Y a-t-il des reprises que vous avez foirées et qui ne sont pas sur le disque ?
WM : Non, toutes celles qu’on a essayé on les a mises. Soit on « sent » la chanson soit non. Mais disons qu’on ne se pose pas la question de savoir si c’est bien ou mauvais. Ce n’est pas à nous de décider. En fait on a choisi les titres naturellement, pour travailler différemment en se faisant plaisir. Même si tous les titres ne sont pas évidents, en particulier « This is not a love song » de Pil.
Vous chantez « que la révolution ne sera pas télévisée » ; vous en pensez quoi des manifestations anti-CPE ?
MC : C’est du beau folklore organisé. C’est certes mieux que rien du tout… On vit quand même dans une époque lisse et ennuyeuse. Il faut essayer de bousculer les choses, de provoquer des réactions. Mais ça ressemble à un spectacle.
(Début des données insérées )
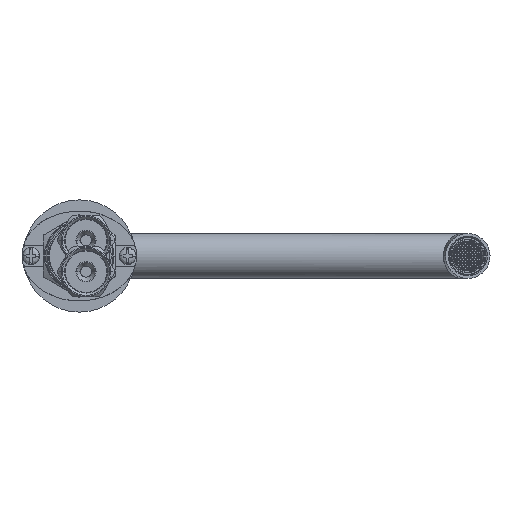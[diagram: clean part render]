
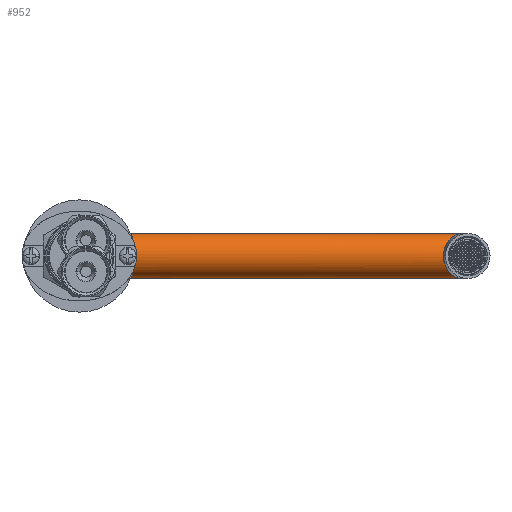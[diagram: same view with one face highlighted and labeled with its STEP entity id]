
A CAD part, front view. The second image highlights one B-rep face of the part: STEP entity #952.
In plain terms, the highlighted cylindrical face has radius 10 mm (diameter 20 mm), a partial arc.
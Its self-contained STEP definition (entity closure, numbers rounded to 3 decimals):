
#714=DIRECTION('',(0.,1.,0.));
#715=VECTOR('',#714,156.93);
#716=CARTESIAN_POINT('',(-10.,-703.866,133.683));
#717=LINE('',#716,#715);
#751=CARTESIAN_POINT('',(10.,-546.936,133.683));
#753=CARTESIAN_POINT('',(-10.,-703.866,133.683));
#767=CARTESIAN_POINT('',(10.,-703.866,133.683));
#769=CARTESIAN_POINT('',(10.,-703.866,133.683));
#770=CARTESIAN_POINT('',(10.,-702.859,132.504));
#771=CARTESIAN_POINT('',(9.573,-700.684,129.957));
#772=CARTESIAN_POINT('',(7.664,-698.155,126.997));
#773=CARTESIAN_POINT('',(5.504,-696.663,125.25));
#774=CARTESIAN_POINT('',(3.694,-695.868,124.318));
#775=CARTESIAN_POINT('',(1.806,-695.415,123.788));
#776=CARTESIAN_POINT('',(0.,-695.28,123.631));
#777=CARTESIAN_POINT('',(-1.806,-695.415,123.788));
#778=CARTESIAN_POINT('',(-3.694,-695.868,124.318));
#779=CARTESIAN_POINT('',(-5.504,-696.663,125.25));
#780=CARTESIAN_POINT('',(-7.664,-698.155,126.997));
#781=CARTESIAN_POINT('',(-9.573,-700.684,129.957));
#782=CARTESIAN_POINT('',(-10.,-702.859,132.504));
#783=CARTESIAN_POINT('',(-10.,-703.866,133.683));
#813=DIRECTION('',(0.,1.,0.));
#814=VECTOR('',#813,156.93);
#815=CARTESIAN_POINT('',(10.,-703.866,133.683));
#816=LINE('',#815,#814);
#817=CARTESIAN_POINT('',(10.,-546.936,133.683));
#818=CARTESIAN_POINT('',(10.,-546.936,133.378));
#819=CARTESIAN_POINT('',(9.972,-546.956,132.764));
#820=CARTESIAN_POINT('',(9.843,-547.049,131.837));
#821=CARTESIAN_POINT('',(9.622,-547.205,130.901));
#822=CARTESIAN_POINT('',(9.3,-547.421,129.962));
#823=CARTESIAN_POINT('',(8.868,-547.696,129.022));
#824=CARTESIAN_POINT('',(8.324,-548.016,128.106));
#825=CARTESIAN_POINT('',(7.667,-548.368,127.231));
#826=CARTESIAN_POINT('',(6.917,-548.725,126.434));
#827=CARTESIAN_POINT('',(6.09,-549.069,125.727));
#828=CARTESIAN_POINT('',(5.211,-549.379,125.126));
#829=CARTESIAN_POINT('',(4.293,-549.647,124.632));
#830=CARTESIAN_POINT('',(3.356,-549.863,124.245));
#831=CARTESIAN_POINT('',(2.403,-550.027,123.959));
#832=CARTESIAN_POINT('',(1.445,-550.136,123.772));
#833=CARTESIAN_POINT('',(0.48,-550.191,123.679));
#834=CARTESIAN_POINT('',(-0.481,-550.191,
123.679));
#835=CARTESIAN_POINT('',(-1.446,-550.136,123.772));
#836=CARTESIAN_POINT('',(-2.403,-550.027,123.959));
#837=CARTESIAN_POINT('',(-3.355,-549.863,124.245));
#838=CARTESIAN_POINT('',(-4.293,-549.647,124.632));
#839=CARTESIAN_POINT('',(-5.209,-549.38,125.125));
#840=CARTESIAN_POINT('',(-6.09,-549.069,125.727));
#841=CARTESIAN_POINT('',(-6.915,-548.726,126.432));
#842=CARTESIAN_POINT('',(-7.667,-548.368,127.232));
#843=CARTESIAN_POINT('',(-8.322,-548.017,128.103));
#844=CARTESIAN_POINT('',(-8.867,-547.696,129.02));
#845=CARTESIAN_POINT('',(-9.299,-547.422,129.959));
#846=CARTESIAN_POINT('',(-9.621,-547.205,130.899));
#847=CARTESIAN_POINT('',(-9.843,-547.049,131.835));
#848=CARTESIAN_POINT('',(-9.972,-546.956,132.764));
#849=CARTESIAN_POINT('',(-10.,-546.936,133.379));
#850=CARTESIAN_POINT('',(-10.,-546.936,133.683));
#898=VERTEX_POINT('',#753);
#899=VERTEX_POINT('',#767);
#900=CARTESIAN_POINT('',(-10.,-546.936,133.683));
#901=VERTEX_POINT('',#900);
#902=VERTEX_POINT('',#751);
#940=CARTESIAN_POINT('',(0.,-546.936,133.683));
#941=DIRECTION('',(0.,1.,0.));
#942=DIRECTION('',(-1.,0.,0.));
#943=AXIS2_PLACEMENT_3D('',#940,#941,#942);
#944=CYLINDRICAL_SURFACE('',#943,10.);
#945=ORIENTED_EDGE('',*,*,#929,.F.);
#946=ORIENTED_EDGE('',*,*,#918,.T.);
#948=ORIENTED_EDGE('',*,*,#947,.T.);
#949=ORIENTED_EDGE('',*,*,#914,.F.);
#950=EDGE_LOOP('',(#945,#946,#948,#949));
#951=FACE_OUTER_BOUND('',#950,.F.);
#784=B_SPLINE_CURVE_WITH_KNOTS('',3,(#769,#770,#771,#772,#773,#774,#775,#776,
#777,#778,#779,#780,#781,#782,#783),.UNSPECIFIED.,.F.,.F.,(4,1,1,1,1,1,1,1,1,1,
1,1,4),(0.,0.125,0.25,0.313,0.375,0.438,0.5,0.563,0.625,
0.688,0.75,0.875,1.),.UNSPECIFIED.);
#851=B_SPLINE_CURVE_WITH_KNOTS('',3,(#817,#818,#819,#820,#821,#822,#823,#824,
#825,#826,#827,#828,#829,#830,#831,#832,#833,#834,#835,#836,#837,#838,#839,#840,
#841,#842,#843,#844,#845,#846,#847,#848,#849,#850),.UNSPECIFIED.,.F.,.F.,(4,1,1,
1,1,1,1,1,1,1,1,1,1,1,1,1,1,1,1,1,1,1,1,1,1,1,1,1,1,1,1,4),(0.,
0.032,0.065,0.097,0.129,
0.161,0.194,0.226,0.258,
0.29,0.323,0.355,0.387,
0.419,0.452,0.484,0.516,
0.548,0.581,0.613,0.645,
0.677,0.71,0.742,0.774,
0.806,0.839,0.871,0.903,
0.935,0.968,1.),.UNSPECIFIED.);
#914=EDGE_CURVE('',#898,#901,#717,.T.);
#918=EDGE_CURVE('',#899,#902,#816,.T.);
#929=EDGE_CURVE('',#899,#898,#784,.T.);
#947=EDGE_CURVE('',#902,#901,#851,.T.);
#952=ADVANCED_FACE('',(#951),#944,.T.);

C’est comme le rock paillette.
En parlant de paillettes, le célèbre chanteur Raphaël français a déclaré en interview qu’il n’avait pas entendu parler du CPE…
MC : C’est son agent de communication qui a du être content ! Qu’il reste là où il est. Mais on va pas commencer à s’attaquer à ces gens là…Obispo, Pagny…
WM : On a des combats plus importants à mener.
Ah oui, lesquels ?
MC : Eh bien, faire son truc personnel, jouer à l’étranger… On aime plein de petits groupes comme Diabologum, Programme, Non Stop, Amanda Woodward…On se sent proches d’eux, c’est notre famille. On évolue dans cette sphère. On essaye de faire tout par nous-mêmes. On a pas les moyens des gros annonceurs, on paye pas les journalistes pour qu’ils écrivent sur nous.
Vous êtes affiliés à la scène punk voire hardcore mais vous êtes également proches du milieu hip hop…
MC : C’est vrai qu’on aime le hip hop old school, et La Caution avec qui on a joué. Au départ on trouvait TTC, Stupeflip et le Klub des Loosers pas mal mais on est assez déçu au final. Soit par leurs attitudes soit par leur musique.
Question entretien d’embauche pour finir : pourquoi c’est bien Expérience?
MC : Heu…je peux juste te faire part du meilleur compliment qu’on nous ait fait : « votre musique me rend heureux quand je rentre du chantier ».